Traditional visual inspection techniques, moreover, are quite
different from those employed during structural testing, making
correlations between the two approaches difficult and further
compromising the ability to detect the onset of structural failure
before it actually occurs.
[0006] Structural health monitoring (SHM) systems address some of
these concerns. SHM systems employ a variety of sensing and
measurement technology, utilizing generally small,
remotely-operated sensors. These provide information on position,
temperature, and other physical quantities, and allow for
continuous monitoring methods to be employed in otherwise
inaccessible locations. Some SHM systems also employ active
transducers, including ultrasonic piezoelectric devices, to
"interrogate" a structure or material in order to detect
displacement, delamination, cracking, or other local failures via
the resulting change in Lamb wave transmissions. Existing SHM
methods remain limited, however, because they do not typically
apply the same sampling and analysis techniques used during
structural testing, and because they cannot generally detect the
onset of failure before it actually occurs, at least one a local
scale.
SUMMARY
[0007] There is disclosed a system and method for detecting the
onset of failure in a structural element subject to a mechanical
load. The method comprises measuring physical quantities,
transforming the measured physical quantities into a normal mode
spectrum, and transmitting a warning of impending collapse. The
measured physical quantities are associated with subsonic modes of
natural oscillation in a structure subject to a mechanical load.
The normal mode spectrum characterizes the frequencies of the
subsonic modes of oscillation. The warning is transmitted as a
function of a deviation in the normal mode spectrum near a critical
point.
[0008] The system comprises a sensor, a signal processor and a
transmitter.

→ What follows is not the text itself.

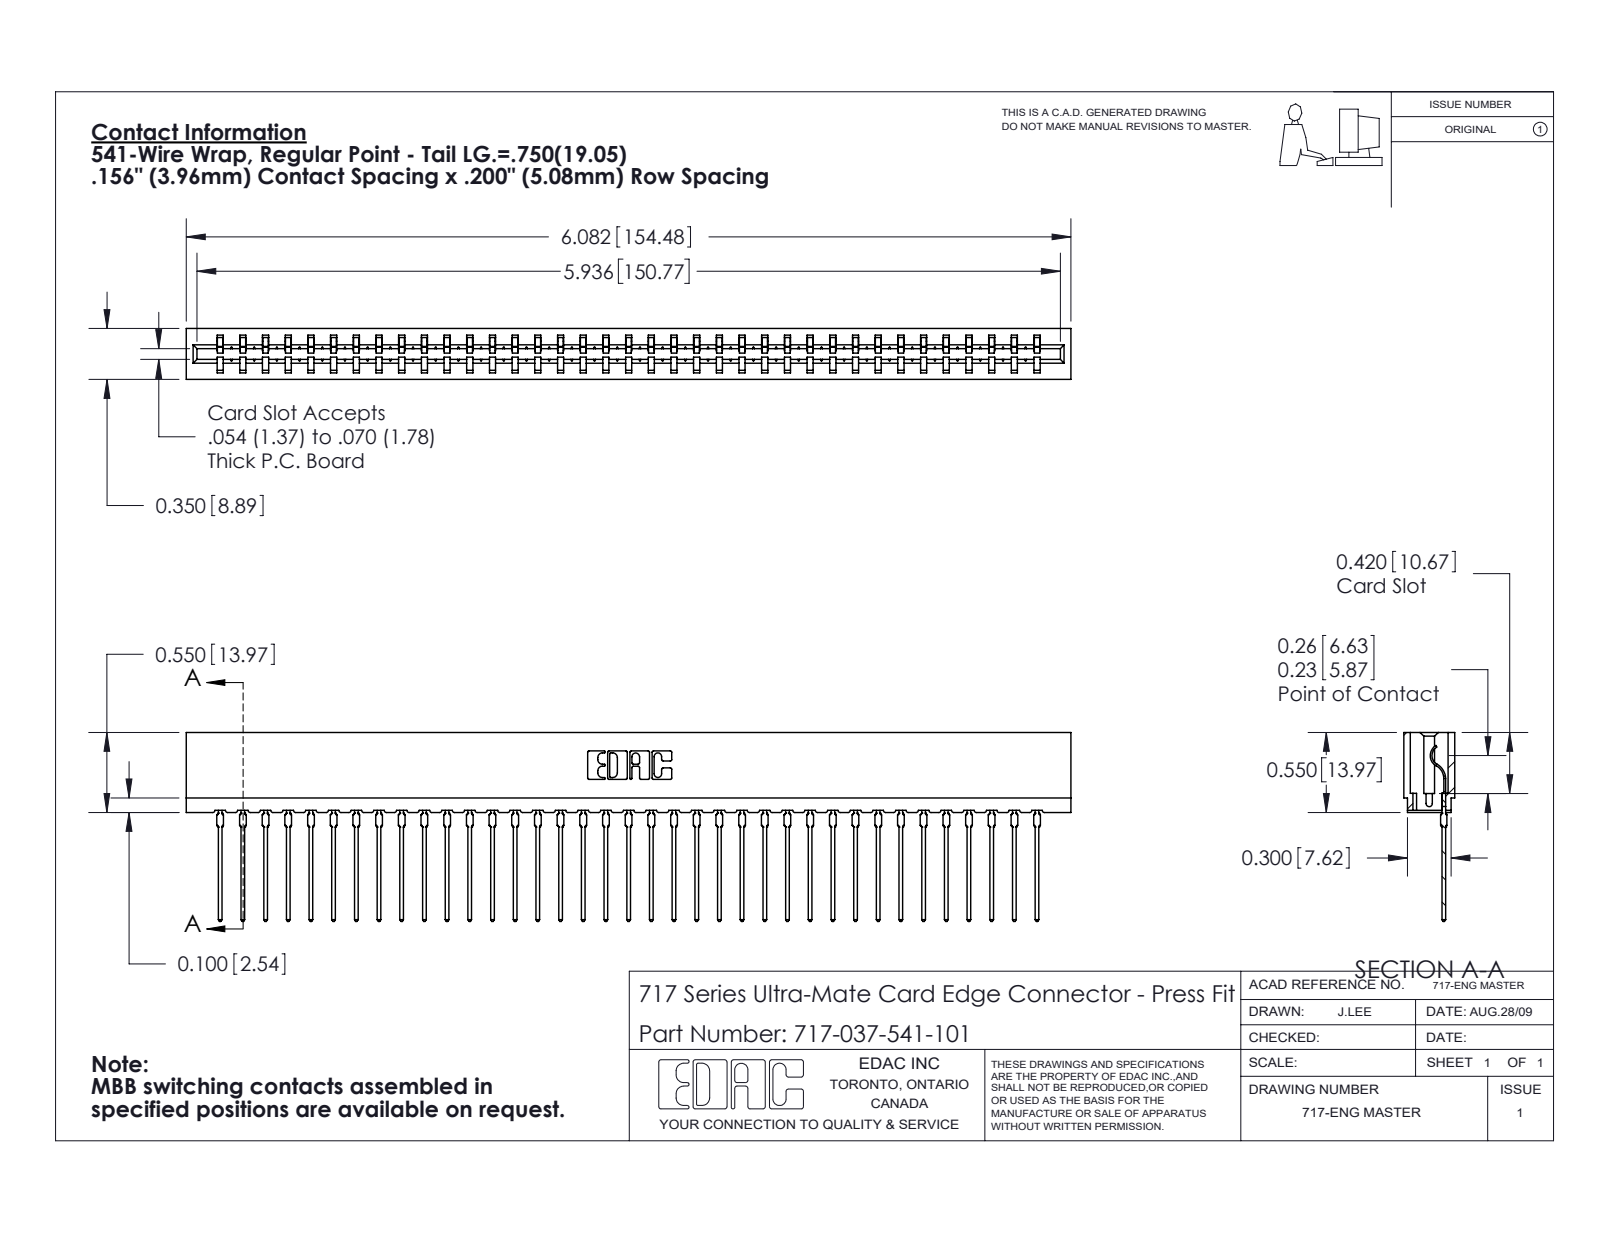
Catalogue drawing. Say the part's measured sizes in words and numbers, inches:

The sensor senses a physical parameter associated with
a normal mode of natural oscillation in the structural element. The
signal processor transforms the physical parameter into an
oscillation function representing the normal mode. The transmitter
transmits an alarm based on a shift in the oscillation function
near a critical point.
BRIEF DESCRIPTION OF THE DRAWINGS
[0009] FIG. 1 is a perspective view of a vertical cantilevered beam
subject to a compressive load.
[0010] FIG. 2 is a plot of oscillation frequency as a function of
cantilever length, neglecting the effect of load on frequency.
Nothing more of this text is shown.